Repeat the lines below exactly as they appear, but leave out the images.

- [Records excerpted from a collection]:

***

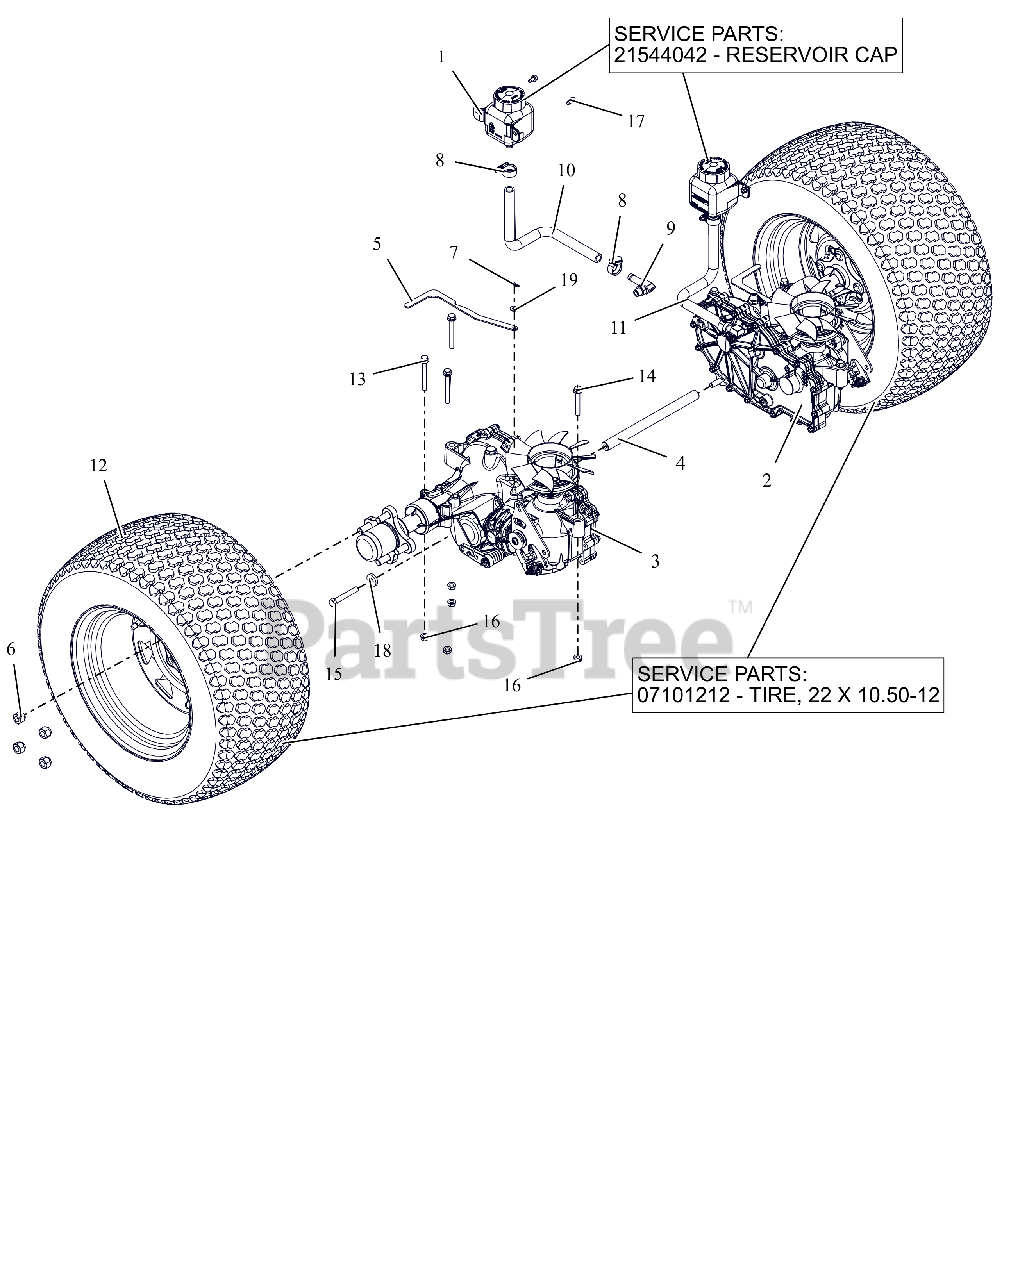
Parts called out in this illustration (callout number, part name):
1	TANK, EXPANSION
1	CAP, HYDRO RESERVOIR REPLAC.
2	TRANSAXLE, ZT3100 LH
3	TRANSAXLE, ZT3100 RH
4	SHAFT, TRANSAXLE SUPPORT
5	BRKT, VALVE DUMP
6	NUT, WHEEL .50-20 ZCC
7	PIN, HAIR #225 .072X1.09
8	CLAMP,.88 DIA. HOSE
9	FITTING, HYD (90 DEG)
10	HOSE, FORMED EXPANSION -HD RH
11	HOSE, FORMED EXPANSION -HD LH
12	ASM, WHL/TIRE 22X10.50-12 K500
12	TIRE, 22X10.50-12
13	BLT,HEX-FLG .31-18X2.75 G5 ZCC
14	BLT,HEX-FLG .31-18X2.25 G5 ZCC
15	BLT, HEX .38-16X2.50 G5 ZCC
16	NUT,LK-CTR-FLG .31-18 GF ZCC
17	SCR-TAP .25-20X.50 HWH ZCC
18	WSHR, FLT .406X1.00X.188 ZCC
19	WSHR,FLT .281X.625X.065 ZCC

***

- [Answer space]:
Parts called out in this illustration (callout number, part name):
1	TANK, EXPANSION
1	CAP, HYDRO RESERVOIR REPLAC.
2	TRANSAXLE, ZT3100 LH
3	TRANSAXLE, ZT3100 RH
4	SHAFT, TRANSAXLE SUPPORT
5	BRKT, VALVE DUMP
6	NUT, WHEEL .50-20 ZCC
7	PIN, HAIR #225 .072X1.09
8	CLAMP,.88 DIA. HOSE
9	FITTING, HYD (90 DEG)
10	HOSE, FORMED EXPANSION -HD RH
11	HOSE, FORMED EXPANSION -HD LH
12	ASM, WHL/TIRE 22X10.50-12 K500
12	TIRE, 22X10.50-12
13	BLT,HEX-FLG .31-18X2.75 G5 ZCC
14	BLT,HEX-FLG .31-18X2.25 G5 ZCC
15	BLT, HEX .38-16X2.50 G5 ZCC
16	NUT,LK-CTR-FLG .31-18 GF ZCC
17	SCR-TAP .25-20X.50 HWH ZCC
18	WSHR, FLT .406X1.00X.188 ZCC
19	WSHR,FLT .281X.625X.065 ZCC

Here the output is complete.